When attempting to determine the efficiency of a plant’s electric-motor assets, removing a unit and performing IEEE 112 method B testing, CSA 390 (Canadian) testing, or IEC 60034-2-1 testing is neither affordable nor feasible. In the 1990s, organizations, including the USDOE’s Motor Challenge program, worked on various methods for field efficiency testing.
These methods ranged from wattage tests to voltage and current to ORMEL96 (Oak Ridge Motor Efficiency and Load 96) and commercially dedicated field-testing devices.
Of particular interest, as we continue this discussion, will be the ORMEL96 methodology that traces back to the study, “Assessment of Methods for Estimating Motor Efficiency and Load Under Field Conditions” (ORNL, January 1996). Results from this method were very close to those from the IEEE 112 Method B. (Note: Many of the existing commercial ESA devices have some traceability back to the ORMEL96 method.)
Fortunately, even without a commercial device, there are methods for evaluating field efficiency using watt meters or voltmeters and clamp-on current meters, among others. The further you deviate from the torsional and standards methods, the more that accuracy will be affected. And, if you drop below 50% load, error increases.
These methods are discussed in the USDOE document “Determining Electric Motor Load and Efficiency” Determining Electric Motor Load and Efficiency (energy.gov) and the USDOE “Premium Efficiency Motor Selection and Application Guide,“ Premium Efficiency Motor Selection And Application Guide: A Guidebook for Industry (energy.gov).
These methods can be used to show the difference between different degrees of alignment for your machines in-plant, resulting in the ability to justify precision alignment through directly measured energy impacts alone, continue the ability of reliability and maintenance to tie to corporate energy and emission goals and improve the bottom line.
Precision Alignment: A Path to Energy Savings and Emission Reductions
And now, back to our alignment case study:
Total losses of the 600-hp motor were detected as 14%, with a majority (11.1%) related to bearing losses. The approach of correcting to a standard alignment would reduce emissions from 14% to approximately 4% (or by 10%).

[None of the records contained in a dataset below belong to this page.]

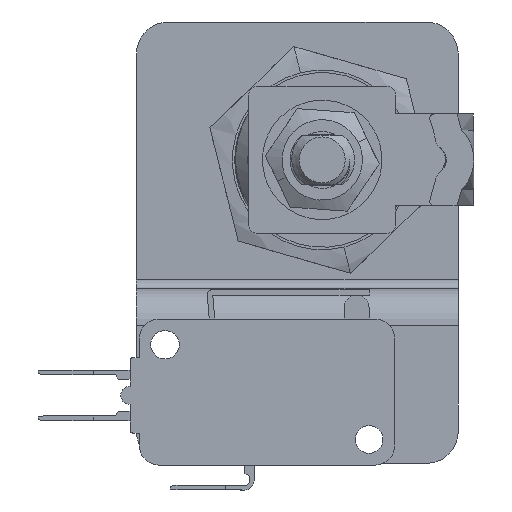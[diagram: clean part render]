
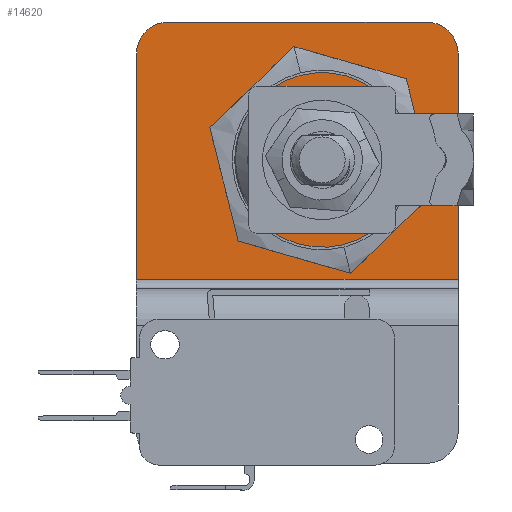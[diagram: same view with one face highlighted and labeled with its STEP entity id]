
A CAD part, front view. The second image highlights one B-rep face of the part: STEP entity #14620.
In plain terms, the highlighted planar face has unit normal (0, -1, 0) as drawn and (0, 1, 0) by its records, which use the part's own axes.
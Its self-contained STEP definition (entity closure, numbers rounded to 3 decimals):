
#10907 = AXIS2_PLACEMENT_3D ( 'NONE', #12233, #12234, #12235 ) ;
#10908 = AXIS2_PLACEMENT_3D ( 'NONE', #12242, #12243, #12244 ) ;
#10911 = AXIS2_PLACEMENT_3D ( 'NONE', #12262, #12263, #12264 ) ;
#10912 = AXIS2_PLACEMENT_3D ( 'NONE', #12269, #12270, #12271 ) ;
#11248 = CIRCLE ( 'NONE', #10907, 9.55 ) ;
#11251 = LINE ( 'NONE', #12236, #11254 ) ;
#11254 = VECTOR ( 'NONE', #12238, 1000. ) ;
#11255 = CIRCLE ( 'NONE', #10908, 9.55 ) ;
#11257 = LINE ( 'NONE', #12240, #11263 ) ;
#11258 = LINE ( 'NONE', #12245, #11261 ) ;
#11261 = VECTOR ( 'NONE', #12246, 1000. ) ;
#11263 = VECTOR ( 'NONE', #12247, 1000. ) ;
#11265 = LINE ( 'NONE', #12248, #11267 ) ;
#11267 = VECTOR ( 'NONE', #12249, 1000. ) ;
#11268 = CIRCLE ( 'NONE', #10911, 3.5 ) ;
#11271 = LINE ( 'NONE', #12265, #11274 ) ;
#11274 = VECTOR ( 'NONE', #12266, 1000. ) ;
#11275 = CIRCLE ( 'NONE', #10912, 3.5 ) ;
#11278 = LINE ( 'NONE', #12272, #11281 ) ;
#11281 = VECTOR ( 'NONE', #12273, 1000. ) ;
#12233 = CARTESIAN_POINT ( 'NONE',  ( 15., 3., 14.8 ) ) ;
#12234 = DIRECTION ( 'NONE',  ( 0., 1., 0. ) ) ;
#12235 = DIRECTION ( 'NONE',  ( 0., 0., -1. ) ) ;
#12236 = CARTESIAN_POINT ( 'NONE',  ( 7., 3., 35. ) ) ;
#12238 = DIRECTION ( 'NONE',  ( 0., 0., 1. ) ) ;
#12240 = CARTESIAN_POINT ( 'NONE',  ( 28., 3., 35. ) ) ;
#12242 = CARTESIAN_POINT ( 'NONE',  ( 15., 3., 14.8 ) ) ;
#12243 = DIRECTION ( 'NONE',  ( 0., 1., 0. ) ) ;
#12244 = DIRECTION ( 'NONE',  ( 0., 0., -1. ) ) ;
#12245 = CARTESIAN_POINT ( 'NONE',  ( 23., 3., 35. ) ) ;
#12246 = DIRECTION ( 'NONE',  ( 0., 0., -1. ) ) ;
#12247 = DIRECTION ( 'NONE',  ( 0., 0., 1. ) ) ;
#12248 = CARTESIAN_POINT ( 'NONE',  ( 32., 3., 35. ) ) ;
#12249 = DIRECTION ( 'NONE',  ( -1., 0., 0. ) ) ;
#12262 = CARTESIAN_POINT ( 'NONE',  ( 3.5, 3., 31.5 ) ) ;
#12263 = DIRECTION ( 'NONE',  ( 0., -1., 0. ) ) ;
#12264 = DIRECTION ( 'NONE',  ( 0., 0., 1. ) ) ;
#12265 = CARTESIAN_POINT ( 'NONE',  ( 0., 3., 35. ) ) ;
#12266 = DIRECTION ( 'NONE',  ( 0., 0., -1. ) ) ;
#12269 = CARTESIAN_POINT ( 'NONE',  ( 3.5, 3., 3.5 ) ) ;
#12270 = DIRECTION ( 'NONE',  ( 0., -1., 0. ) ) ;
#12271 = DIRECTION ( 'NONE',  ( 0., 0., 1. ) ) ;
#12272 = CARTESIAN_POINT ( 'NONE',  ( 32., 3., 0. ) ) ;
#12273 = DIRECTION ( 'NONE',  ( 1., 0., 0. ) ) ;
#14620 = ADVANCED_FACE ( 'NONE', ( #24129, #24133 ), #18482, .F. ) ;
#16200 = CARTESIAN_POINT ( 'NONE',  ( 23., 3., 20.016 ) ) ;
#16219 = CARTESIAN_POINT ( 'NONE',  ( 15., 3., 5.25 ) ) ;
#16227 = CARTESIAN_POINT ( 'NONE',  ( 3.5, 3., 35. ) ) ;
#16230 = CARTESIAN_POINT ( 'NONE',  ( 7., 3., 20.016 ) ) ;
#16231 = CARTESIAN_POINT ( 'NONE',  ( 0., 3., 31.5 ) ) ;
#16233 = CARTESIAN_POINT ( 'NONE',  ( 23., 3., 9.584 ) ) ;
#16238 = CARTESIAN_POINT ( 'NONE',  ( 0., 3., 3.5 ) ) ;
#16239 = CARTESIAN_POINT ( 'NONE',  ( 3.5, 3., 0. ) ) ;
#16253 = CARTESIAN_POINT ( 'NONE',  ( 28., 3., 0. ) ) ;
#16254 = CARTESIAN_POINT ( 'NONE',  ( 28., 3., 35. ) ) ;
#16255 = CARTESIAN_POINT ( 'NONE',  ( 7., 3., 9.584 ) ) ;
#16933 = ORIENTED_EDGE ( 'NONE', *, *, #19567, .F. ) ;
#17753 = EDGE_CURVE ( 'NONE', #22515, #22497, #62235, .T. ) ;
#17893 = ORIENTED_EDGE ( 'NONE', *, *, #19561, .F. ) ;
#17894 = ORIENTED_EDGE ( 'NONE', *, *, #17753, .F. ) ;
#18482 = PLANE ( 'NONE',  #21442 ) ;
#18489 = CARTESIAN_POINT ( 'NONE',  ( 32., 3., 35. ) ) ;
#18490 = DIRECTION ( 'NONE',  ( 0., -1., 0. ) ) ;
#18491 = DIRECTION ( 'NONE',  ( 0., 0., -1. ) ) ;
#19357 = EDGE_LOOP ( 'NONE', ( #26224, #26720, #17893, #17894, #16933 ) ) ;
#19361 = EDGE_LOOP ( 'NONE', ( #37206, #37149, #37201, #37196, #26222, #26223 ) ) ;
#19561 = EDGE_CURVE ( 'NONE', #22497, #22544, #11248, .T. ) ;
#19563 = EDGE_CURVE ( 'NONE', #22544, #22509, #11251, .T. ) ;
#19565 = EDGE_CURVE ( 'NONE', #22509, #22471, #11255, .T. ) ;
#19567 = EDGE_CURVE ( 'NONE', #22471, #22515, #11258, .T. ) ;
#19568 = EDGE_CURVE ( 'NONE', #22542, #22543, #11257, .T. ) ;
#19571 = EDGE_CURVE ( 'NONE', #22543, #22506, #11265, .T. ) ;
#19573 = EDGE_CURVE ( 'NONE', #22506, #22511, #11268, .T. ) ;
#19575 = EDGE_CURVE ( 'NONE', #22511, #22522, #11271, .T. ) ;
#19577 = EDGE_CURVE ( 'NONE', #22522, #22523, #11275, .T. ) ;
#19579 = EDGE_CURVE ( 'NONE', #22523, #22542, #11278, .T. ) ;
#21442 = AXIS2_PLACEMENT_3D ( 'NONE', #18489, #18490, #18491 ) ;
#22471 = VERTEX_POINT ( 'NONE', #16200 ) ;
#22497 = VERTEX_POINT ( 'NONE', #16219 ) ;
#22506 = VERTEX_POINT ( 'NONE', #16227 ) ;
#22509 = VERTEX_POINT ( 'NONE', #16230 ) ;
#22511 = VERTEX_POINT ( 'NONE', #16231 ) ;
#22515 = VERTEX_POINT ( 'NONE', #16233 ) ;
#22522 = VERTEX_POINT ( 'NONE', #16238 ) ;
#22523 = VERTEX_POINT ( 'NONE', #16239 ) ;
#22542 = VERTEX_POINT ( 'NONE', #16253 ) ;
#22543 = VERTEX_POINT ( 'NONE', #16254 ) ;
#22544 = VERTEX_POINT ( 'NONE', #16255 ) ;
#24129 = FACE_OUTER_BOUND ( 'NONE', #19361, .T. ) ;
#24133 = FACE_BOUND ( 'NONE', #19357, .T. ) ;
#26222 = ORIENTED_EDGE ( 'NONE', *, *, #19568, .F. ) ;
#26223 = ORIENTED_EDGE ( 'NONE', *, *, #19579, .F. ) ;
#26224 = ORIENTED_EDGE ( 'NONE', *, *, #19565, .F. ) ;
#26720 = ORIENTED_EDGE ( 'NONE', *, *, #19563, .F. ) ;
#37149 = ORIENTED_EDGE ( 'NONE', *, *, #19575, .F. ) ;
#37196 = ORIENTED_EDGE ( 'NONE', *, *, #19571, .F. ) ;
#37201 = ORIENTED_EDGE ( 'NONE', *, *, #19573, .F. ) ;
#37206 = ORIENTED_EDGE ( 'NONE', *, *, #19577, .F. ) ;
#59025 = AXIS2_PLACEMENT_3D ( 'NONE', #63831, #63832, #63833 ) ;
#62235 = CIRCLE ( 'NONE', #59025, 9.55 ) ;
#63831 = CARTESIAN_POINT ( 'NONE',  ( 15., 3., 14.8 ) ) ;
#63832 = DIRECTION ( 'NONE',  ( 0., 1., 0. ) ) ;
#63833 = DIRECTION ( 'NONE',  ( 0., 0., -1. ) ) ;

Precision alignment can reduce energy losses by up to 12.5%, saving thousands of dollars and tons of CO2 annually.
The shift to a precision alignment would reduce those losses to 1.5% (a reduction of 12.5%). In the end, this represents a reduction of 38.4 Tons of CO2 per year through a standard alignment or a reduction of 48 Tons (or an additional 10 Tons of reduced CO2) through precision alignment.
From an energy-impact standpoint, the losses would be a reduction of 54.3 MWh/year with a standard alignment and 67.9 MWh/year with precision alignment. Considering $0.10/kWh usage, a standard alignment will generate an energy-cost reduction of $5,430, and precision alignment will create a reduction of $6,790. These assumptions, though, don’t consider the self-feeding losses as components fail and the demand charges.
From a reliability standpoint, the energy losses in each area feed the degradation of components. This means that the 11.1 kW losses feeding into the bearing stresses in our 600-hp electric motor translate directly into heat due to friction. The friction is the driver toward failure, degrading lubrication quickly.
Energy losses in misaligned motors feed component degradation, accelerating failure and increasing maintenance costs.
Overall, the impact on energy losses in an electric motor varies exponentially with misalignment. Precision alignment will improve overall reliability and energy costs (immediately measurable), resulting in significantly higher greenhouse gas emissions.
This supports the expectation that a minimum of 14% energy reduction is achievable through the application of a maintenance program. Substantially greater reductions can be accomplished with a precision-maintenance program, which also has the potential to be self-supporting.